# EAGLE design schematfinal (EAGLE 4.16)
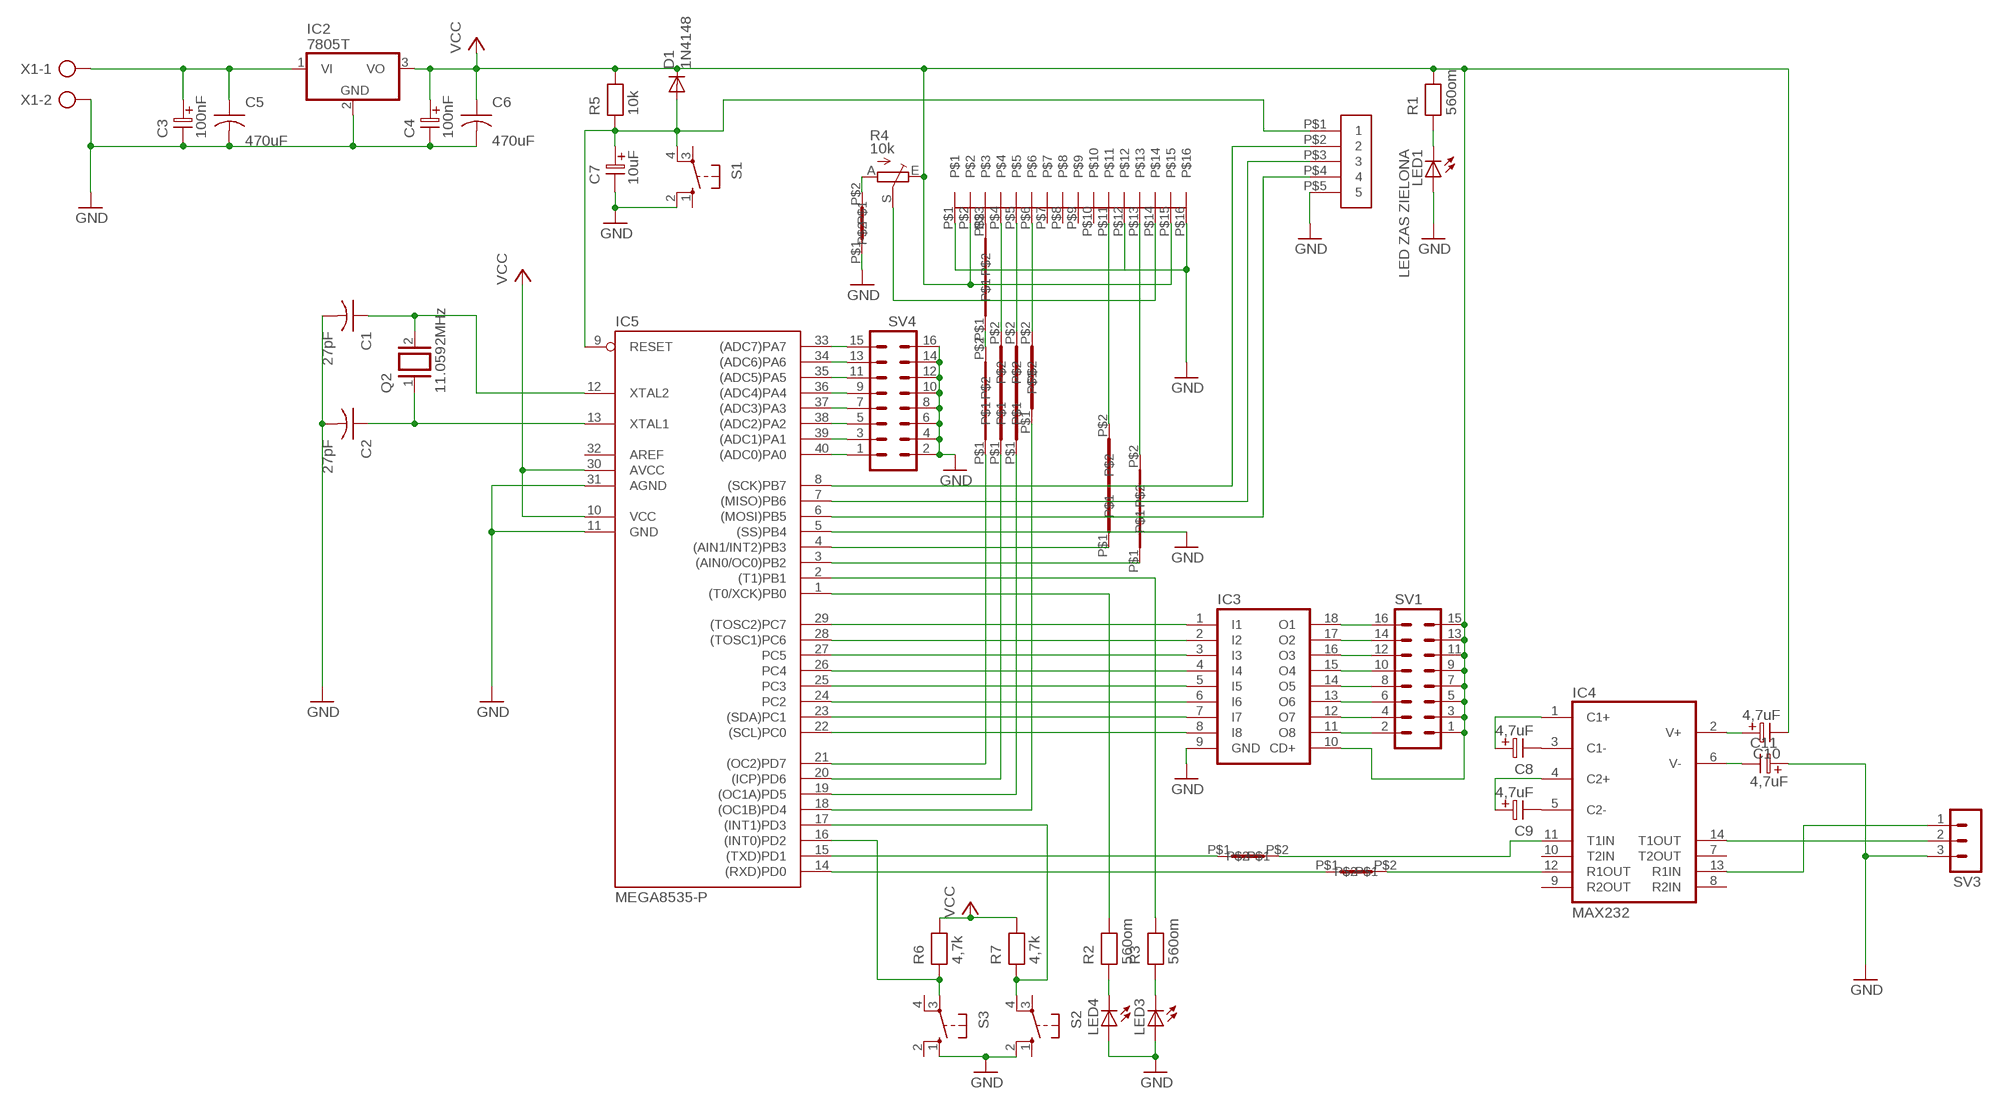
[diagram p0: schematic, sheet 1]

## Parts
C1  27pF  CAP-2,5  [C-2,5]
C2  27pF  CAP-2,5  [C-2,5]
C3  100nF  ELC-7,5  [ES-7,5]
C4  100nF  ELC-7,5  [ES-7,5]
C5  470uF  CAP-5  [C-5]
C6  470uF  CAP-5  [C-5]
C7  10uF  ELC-2,5  [ES-2,5]
C8  4,7uF  ELC-2,5  [ES-2,5]
C9  4,7uF  ELC-2,5  [ES-2,5]
C10  4,7uF  ELC-2,5  [ES-2,5]
C11  4,7uF  ELC-2,5  [ES-2,5]
D1  1N4148  [DO35-10]
IC2  7805T  [TO220H]
IC3  ULN2803A  [DIL18]
IC4  MAX232  [DIL16]
IC5  MEGA8535-P  [DIL40]
LED1  LED ZAS ZIELONA  LED5MM  [LED5MM]
LED3  LEDSQR2X5  [LED2X5]
LED4  LEDSQR2X5  [LED2X5]
Q2  11.0592MHz  XTAL/S  [QS]
R1  560om  RESEU-12,5  [R-12,5]
R2  560om  RESEU-12,5  [R-12,5]
R3  560om  RESEU-12,5  [R-12,5]
R4  10k  TRIM_EU-CA6V  [CA6V]
R5  10k  RESEU-12,5  [R-12,5]
R6  4,7k  RESEU-12,5  [R-12,5]
R7  4,7k  RESEU-12,5  [R-12,5]
S1  10-XX  [B3F-10XX]
S2  10-XX  [B3F-10XX]
S3  10-XX  [B3F-10XX]
SV1  MA08-2  [MA08-2]
SV3  MA03-1  [MA03-1]
SV4  MA08-2  [MA08-2]
U$1  16PINJUMP  [16PINJUMP]
U$2  5PIN  [5PIN]
U$3  ZW25MM  [ZW25MM]
U$4  ZW30MM  [ZW30MM]
U$5  ZW25MM  [ZW25MM]
U$6  ZW10MM  [ZW10MM]
U$7  ZW10MM  [ZW10MM]
U$8  ZW20MM  [ZW20MM]
U$9  ZW15MM  [ZW15MM]
U$10  ZW10MM  [ZW10MM]
U$11  ZW30MM  [ZW30MM]
U$12  ZW30MM  [ZW30MM]
X1  AK300/2  [AK300/2]

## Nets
GND: C1.2 C2.2 C3.2 C4.2 C5.2 C6.2 C7.2 C11.1 IC2.2(GND) IC3.9(GND) IC5.5((SS)PB4) IC5.11(GND) IC5.31(AGND) LED1.A LED3.A LED4.A S1.2(S1) S2.2(S1) S3.1(S) SV3.3 SV4.2 SV4.4 SV4.6 SV4.8 SV4.10 SV4.12 SV4.14 SV4.16 U$1.P$1 U$1.P$12 U$1.P$16 U$2.P$5 U$10.P$1 X1.2
N$1: C1.1 IC5.12(XTAL2) Q2.2
N$2: C2.1 IC5.13(XTAL1) Q2.1
N$3: IC5.34((ADC6)PA6) SV4.13
N$4: IC5.35((ADC5)PA5) SV4.11
N$5: IC5.36((ADC4)PA4) SV4.9
N$6: IC5.37((ADC3)PA3) SV4.7
N$7: IC5.38((ADC2)PA2) SV4.5
N$8: IC5.33((ADC7)PA7) SV4.15
N$9: IC5.39((ADC1)PA1) SV4.3
N$10: IC5.40((ADC0)PA0) SV4.1
N$11: IC3.18(O1) SV1.16
N$12: IC3.17(O2) SV1.14
N$13: IC3.16(O3) SV1.12
N$14: IC3.15(O4) SV1.10
N$15: C3.1 C5.1 IC2.1(VI) X1.1
N$16: C7.1 D1.A IC5.9(RESET) R5.1 S1.4(P1) U$2.P$1
N$17: IC3.14(O5) SV1.8
N$18: IC3.13(O6) SV1.6
N$19: IC3.12(O7) SV1.4
N$20: IC3.11(O8) SV1.2
N$21: C8.1 IC4.1(C1+)
N$22: C8.2 IC4.3(C1-)
N$23: C9.1 IC4.4(C2+)
N$24: C9.2 IC4.5(C2-)
N$25: U$1.P$11 U$3.P$2
N$26: IC5.15((TXD)PD1) U$6.P$1
N$27: C11.2 IC4.6(V-)
N$28: C10.1 IC4.2(V+)
N$29: IC4.14(T1OUT) SV3.2
N$30: IC4.13(R1IN) SV3.1
N$31: LED1.K(C) R1.1
N$32: IC5.1((T0/XCK)PB0) R2.2
N$33: U$1.P$13 U$4.P$2
N$34: IC5.2((T1)PB1) R3.2
N$35: LED4.K(C) R2.1
N$36: LED3.K(C) R3.1
N$37: IC4.11(T1IN) U$6.P$2
N$38: IC5.14((RXD)PD0) U$7.P$1
N$39: IC5.16((INT0)PD2) R6.1 S3.3(P)
N$40: IC5.17((INT1)PD3) R7.1 S2.4(P1)
N$41: IC5.21((OC2)PD7) U$12.P$1
N$42: IC5.20((ICP)PD6) U$5.P$1
N$43: IC5.8((SCK)PB7) U$2.P$2
N$44: IC5.7((MISO)PB6) U$2.P$3
N$45: IC5.6((MOSI)PB5) U$2.P$4
N$46: IC4.12(R1OUT) U$7.P$2
N$47: IC3.1(I1) IC5.29((TOSC2)PC7)
N$48: IC3.2(I2) IC5.28((TOSC1)PC6)
N$49: IC3.3(I3) IC5.27(PC5)
N$50: IC3.4(I4) IC5.26(PC4)
N$51: IC3.5(I5) IC5.25(PC3)
N$52: IC3.6(I6) IC5.24(PC2)
N$53: IC3.7(I7) IC5.23((SDA)PC1)
N$54: IC3.8(I8) IC5.22((SCL)PC0)
N$55: IC5.19((OC1A)PD5) U$8.P$1
N$56: IC5.18((OC1B)PD4) U$9.P$1
N$57: R4.S U$1.P$14
N$58: IC5.4((AIN1/INT2)PB3) U$3.P$1
N$59: IC5.3((AIN0/OC0)PB2) U$4.P$1
N$60: U$1.P$4 U$5.P$2
N$61: U$1.P$5 U$8.P$2
N$62: U$1.P$6 U$9.P$2
N$63: R4.A U$10.P$2
N$64: U$1.P$3 U$11.P$2
N$65: U$11.P$1 U$12.P$2
VCC: C4.1 C6.1 C10.2 D1.C IC2.3(VO) IC3.10(CD+) IC5.10(VCC) IC5.30(AVCC) R1.2 R4.E R5.2 R6.2 R7.2 SV1.1 SV1.3 SV1.5 SV1.7 SV1.9 SV1.11 SV1.13 SV1.15 U$1.P$2 U$1.P$15
Unconnected: IC4.7(T2OUT) IC4.8(R2IN) IC4.9(R2OUT) IC4.10(T2IN) S1.1(S) S1.3(P) S2.1(S) S2.3(P) S3.2(S1) S3.4(P1) U$1.P$7 U$1.P$8 U$1.P$9 U$1.P$10

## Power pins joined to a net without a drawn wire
AREF: IC5.32(AREF)
GND: IC4.15(GND)
VCC: IC4.16(VCC)

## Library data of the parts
C1 C2 = 0WT:CAP-2,5
C3 C4 = 0WT:ELC-7,5
C5 C6 = 0WT:CAP-5
C7-C11 = 0WT:ELC-2,5
D1 = 0WT:1N4148: DIODE
IC2 = 0WT:78*: Positive VOLTAGE REGULATOR Source: http://cache.national.com/ds/LM/LM78L05.pdf http://www.fairchildsemi.com/ds/LM/LM7805.pdf
IC3 = uln-udn:ULN2803A: DRIVER ARRAY
IC4 = maxim:MAX232: RS232 TRANSEIVER
IC5 = 0WT:MEGA8535-P: MICROCONTROLLER 8 Kbytes FLASH 512 bytes SRAM 512 bytes EEPROM USART 8-channel 10 bit ADC Source: avr.lbr
LED1 LED3 LED4 = 0WT:LED: LED
Q2 = special:XTAL/S: CRYSTAL
R1-R3 R5-R7 = 0WT:RESEU-12,5
R4 = pot:TRIM_EU-: POTENTIOMETER
S1-S3 = switch-omron:10-XX: OMRON SWITCH
SV1 SV4 = con-lstb:MA08-2: PIN HEADER
SV3 = con-lstb:MA03-1: PIN HEADER
U$1 = 0WT:16PINJUMP
U$2 = 0WT:5PIN
U$3 U$5 = 0WT:ZW25MM
U$4 U$11 U$12 = 0WT:ZW30MM
U$6 U$7 U$10 = 0WT:ZW10MM
U$8 = 0WT:ZW20MM
U$9 = 0WT:ZW15MM
X1 = con-ptr500:AK300/2: CONNECTOR

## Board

○ ○ ○ ○ ○

• [EXERCISE INSTRUCTIONS]
Which lines of the material above hold the string "HEADER"? Pull them out.

• [RESPONSE TO THIS EXERCISE]
SV1 SV4 = con-lstb:MA08-2: PIN HEADER
SV3 = con-lstb:MA03-1: PIN HEADER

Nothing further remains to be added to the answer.